Within a couple of years, he joined the cast of The New Mickey Mouse Club, and made friends with a couple of cute blondes named Christina Aguilera and Britney Spears.

Gangster Shit

Jay Z

In 1999, at an NYC listening party for Q-Tip's solo album Amplified, the already Grammy winning Jay Z stabbed record producer Lance "Un" Rivera in a rage that some attribute to an early album leak, and others say is related to a love feud. Jay Z denied all charges when arrested, but later received 3 years probation, and according to the Associated Press, mumbled "I stabbed Lance Rivera" as he pled guilty.

Rivera was a close associate of Biggie Smalls and discovered rapper Cam'ron. Jay Z and Rivera settled out of court on civil charges at a cost of between $600,000, and $1 million, to Shawn Carter.
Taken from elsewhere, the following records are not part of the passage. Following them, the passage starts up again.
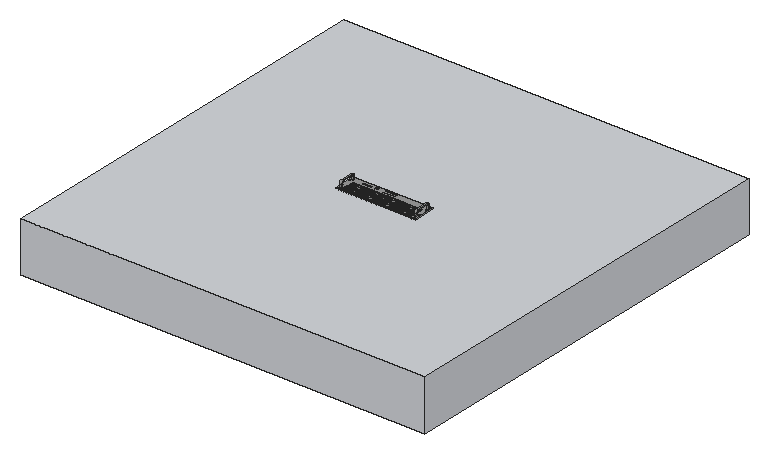
Revit family "IPS-10000", category Allgemeines Modell, Revit 2019 (continued)
Forms (mm)
  Extrusion 437, void
    sketch origin (-5.883, 117.493, 0) x (-1, 0, 0) y (0, -1, 0)
      loop
        line (-142.891, 104.22) -> (-142.891, 107.096) -> (-145.696, 107.096) -> (-145.696, 104.22) -> (-142.891, 104.22)
    from 3.837 to 11.095
  Extrusion 438, void
    sketch origin (-1.04, 117.493, 0) x (-1, 0, 0) y (0, -1, 0)
      loop
        line (-142.891, 104.22) -> (-142.891, 107.096) -> (-145.696, 107.096) -> (-145.696, 104.22) -> (-142.891, 104.22)
    from 3.837 to 11.095
  Extrusion 439, void
    sketch origin (-34.943, 112.493, 0) x (-1, 0, 0) y (0, -1, 0)
      loop
        line (-142.891, 104.22) -> (-142.891, 107.096) -> (-145.696, 107.096) -> (-145.696, 104.22) -> (-142.891, 104.22)
    from 3.837 to 11.095
  Extrusion 440, void
    sketch origin (-30.1, 112.493, 0) x (-1, 0, 0) y (0, -1, 0)
      loop
        line (-142.891, 104.22) -> (-142.891, 107.096) -> (-145.696, 107.096) -> (-145.696, 104.22) -> (-142.891, 104.22)
    from 3.837 to 11.095
  Extrusion 441, void
    sketch origin (-25.257, 112.493, 0) x (-1, 0, 0) y (0, -1, 0)
      loop
        line (-142.891, 104.22) -> (-142.891, 107.096) -> (-145.696, 107.096) -> (-145.696, 104.22) -> (-142.891, 104.22)
    from 3.837 to 11.095
  Extrusion 442, void
    sketch origin (-20.413, 112.493, 0) x (-1, 0, 0) y (0, -1, 0)
      loop
        line (-142.891, 104.22) -> (-142.891, 107.096) -> (-145.696, 107.096) -> (-145.696, 104.22) -> (-142.891, 104.22)
    from 3.837 to 11.095
  Extrusion 443, void
    sketch origin (-15.57, 112.493, 0) x (-1, 0, 0) y (0, -1, 0)
      loop
        line (-142.891, 104.22) -> (-142.891, 107.096) -> (-145.696, 107.096) -> (-145.696, 104.22) -> (-142.891, 104.22)
    from 3.837 to 11.095
  Extrusion 444, void
    sketch origin (-10.727, 112.493, 0) x (-1, 0, 0) y (0, -1, 0)
      loop
        line (-142.891, 104.22) -> (-142.891, 107.096) -> (-145.696, 107.096) -> (-145.696, 104.22) -> (-142.891, 104.22)
    from 3.837 to 11.095
  Extrusion 445, void
    sketch origin (-5.883, 112.493, 0) x (-1, 0, 0) y (0, -1, 0)
      loop
        line (-142.891, 104.22) -> (-142.891, 107.096) -> (-145.696, 107.096) -> (-145.696, 104.22) -> (-142.891, 104.22)
    from 3.837 to 11.095
  Extrusion 446, void
    sketch origin (-1.04, 112.493, 0) x (-1, 0, 0) y (0, -1, 0)
      loop
        line (-142.891, 104.22) -> (-142.891, 107.096) -> (-145.696, 107.096) -> (-145.696, 104.22) -> (-142.891, 104.22)
    from 3.837 to 11.095
  Extrusion 447, void
    sketch origin (-34.943, 107.493, 0) x (-1, 0, 0) y (0, -1, 0)
      loop
        line (-142.891, 104.22) -> (-142.891, 107.096) -> (-145.696, 107.096) -> (-145.696, 104.22) -> (-142.891, 104.22)
    from 3.837 to 11.095
  Extrusion 448, void
    sketch origin (-30.1, 107.493, 0) x (-1, 0, 0) y (0, -1, 0)
      loop
        line (-142.891, 104.22) -> (-142.891, 107.096) -> (-145.696, 107.096) -> (-145.696, 104.22) -> (-142.891, 104.22)
    from 3.837 to 11.095
  Extrusion 449, void
    sketch origin (-25.257, 107.493, 0) x (-1, 0, 0) y (0, -1, 0)
      loop
        line (-142.891, 104.22) -> (-142.891, 107.096) -> (-145.696, 107.096) -> (-145.696, 104.22) -> (-142.891, 104.22)
    from 3.837 to 11.095
  Extrusion 450, void
    sketch origin (-20.413, 107.493, 0) x (-1, 0, 0) y (0, -1, 0)
      loop
        line (-142.891, 104.22) -> (-142.891, 107.096) -> (-145.696, 107.096) -> (-145.696, 104.22) -> (-142.891, 104.22)
    from 3.837 to 11.095
  Extrusion 451, void
    sketch origin (-15.57, 107.493, 0) x (-1, 0, 0) y (0, -1, 0)
      loop
        line (-142.891, 104.22) -> (-142.891, 107.096) -> (-145.696, 107.096) -> (-145.696, 104.22) -> (-142.891, 104.22)
    from 3.837 to 11.095
  Extrusion 452, void
    sketch origin (-10.727, 107.493, 0) x (-1, 0, 0) y (0, -1, 0)
      loop
        line (-142.891, 104.22) -> (-142.891, 107.096) -> (-145.696, 107.096) -> (-145.696, 104.22) -> (-142.891, 104.22)
    from 3.837 to 11.095
  Extrusion 453, void
    sketch origin (-5.883, 107.493, 0) x (-1, 0, 0) y (0, -1, 0)
      loop
        line (-142.891, 104.22) -> (-142.891, 107.096) -> (-145.696, 107.096) -> (-145.696, 104.22) -> (-142.891, 104.22)
    from 3.837 to 11.095
  Extrusion 454, void
    sketch origin (-1.04, 107.493, 0) x (-1, 0, 0) y (0, -1, 0)
      loop
        line (-142.891, 104.22) -> (-142.891, 107.096) -> (-145.696, 107.096) -> (-145.696, 104.22) -> (-142.891, 104.22)
    from 3.837 to 11.095
  Extrusion 455, void
    sketch origin (349.787, 0, 0) x (1, 0, 0) y (0, 1, 0)
      loop
        line (-142.891, 18.273) -> (-145.696, 18.273) -> (-145.696, 15.397) -> (-142.891, 15.397) -> (-142.891, 18.273)
    from 3.837 to 11.095
  Extrusion 456, void
    sketch origin (344.943, 0, 0) x (1, 0, 0) y (0, 1, 0)
      loop
        line (-142.891, 18.273) -> (-145.696, 18.273) -> (-145.696, 15.397) -> (-142.891, 15.397) -> (-142.891, 18.273)
    from 3.837 to 11.095
  Extrusion 457, void
    sketch origin (340.1, 0, 0) x (1, 0, 0) y (0, 1, 0)
      loop
        line (-142.891, 18.273) -> (-145.696, 18.273) -> (-145.696, 15.397) -> (-142.891, 15.397) -> (-142.891, 18.273)
    from 3.837 to 11.095
  Extrusion 458, void
    sketch origin (335.257, 0, 0) x (1, 0, 0) y (0, 1, 0)
      loop
        line (-142.891, 18.273) -> (-145.696, 18.273) -> (-145.696, 15.397) -> (-142.891, 15.397) -> (-142.891, 18.273)
    from 3.837 to 11.095
  Extrusion 459, void
    sketch origin (330.413, 0, 0) x (1, 0, 0) y (0, 1, 0)
      loop
        line (-142.891, 18.273) -> (-145.696, 18.273) -> (-145.696, 15.397) -> (-142.891, 15.397) -> (-142.891, 18.273)
    from 3.837 to 11.095
  Extrusion 460, void
    sketch origin (325.57, 0, 0) x (1, 0, 0) y (0, 1, 0)
      loop
        line (-142.891, 18.273) -> (-145.696, 18.273) -> (-145.696, 15.397) -> (-142.891, 15.397) -> (-142.891, 18.273)
    from 3.837 to 11.095
  Extrusion 461, void
    sketch origin (320.727, 0, 0) x (1, 0, 0) y (0, 1, 0)
      loop
        line (-142.891, 18.273) -> (-145.696, 18.273) -> (-145.696, 15.397) -> (-142.891, 15.397) -> (-142.891, 18.273)
    from 3.837 to 11.095
  Extrusion 462, void
    sketch origin (315.883, 0, 0) x (1, 0, 0) y (0, 1, 0)
      loop
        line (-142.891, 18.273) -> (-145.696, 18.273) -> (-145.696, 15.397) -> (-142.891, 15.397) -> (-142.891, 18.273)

In 1995, Justin Timberlake's work for Disney caught the eye of boy band impresario Lou Pearlman, who'd scored millions on creating the Backstreet Boys. Pearlman formed a new band with Timberlake and four others, calling the group 'N Sync. He moved them to an Orlando compound where they worked on dance moves and harmonies. Then he got them a European record deal.

All the while, Pearlman was also a ponzi schemer bilking hundreds of millions of dollars from investors he lied to. 'N Sync sold millions quickly, and Pearlman allegedly defrauded them for 50 percent of the profits. Timberlake has called it "financial rape." Pearlman is currently incarcerated on a 25 year prison sentence.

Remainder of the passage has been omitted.